## Provided data
-------

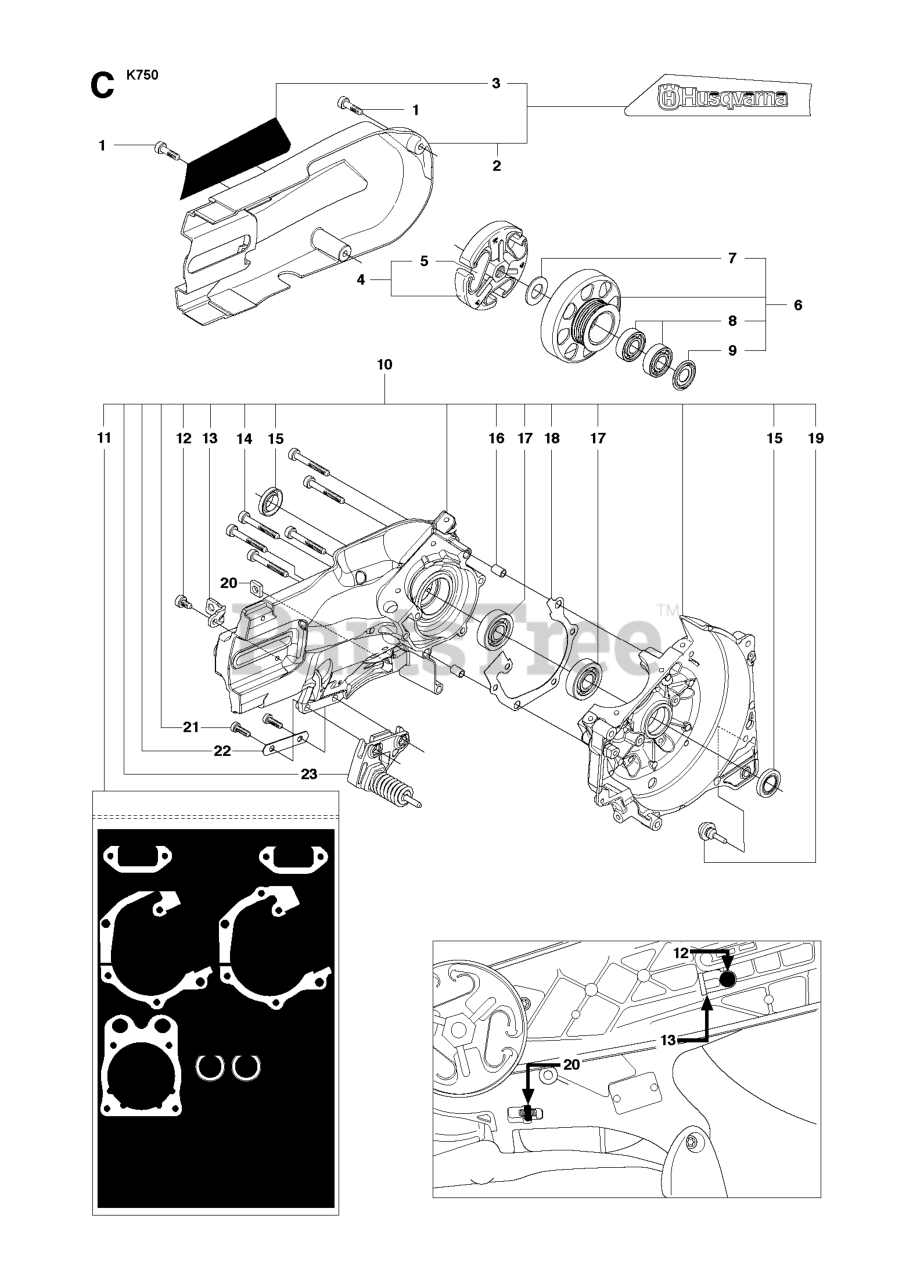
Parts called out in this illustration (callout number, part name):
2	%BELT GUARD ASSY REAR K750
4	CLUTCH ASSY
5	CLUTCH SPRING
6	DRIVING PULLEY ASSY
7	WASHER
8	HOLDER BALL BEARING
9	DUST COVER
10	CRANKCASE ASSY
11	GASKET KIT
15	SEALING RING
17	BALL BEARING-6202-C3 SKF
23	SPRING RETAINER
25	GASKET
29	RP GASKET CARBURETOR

-------

## Problem to solve
Make an exact copy of the listing. Leave its pictures out.

## Exercise answer
Parts called out in this illustration (callout number, part name):
2	%BELT GUARD ASSY REAR K750
4	CLUTCH ASSY
5	CLUTCH SPRING
6	DRIVING PULLEY ASSY
7	WASHER
8	HOLDER BALL BEARING
9	DUST COVER
10	CRANKCASE ASSY
11	GASKET KIT
15	SEALING RING
17	BALL BEARING-6202-C3 SKF
23	SPRING RETAINER
25	GASKET
29	RP GASKET CARBURETOR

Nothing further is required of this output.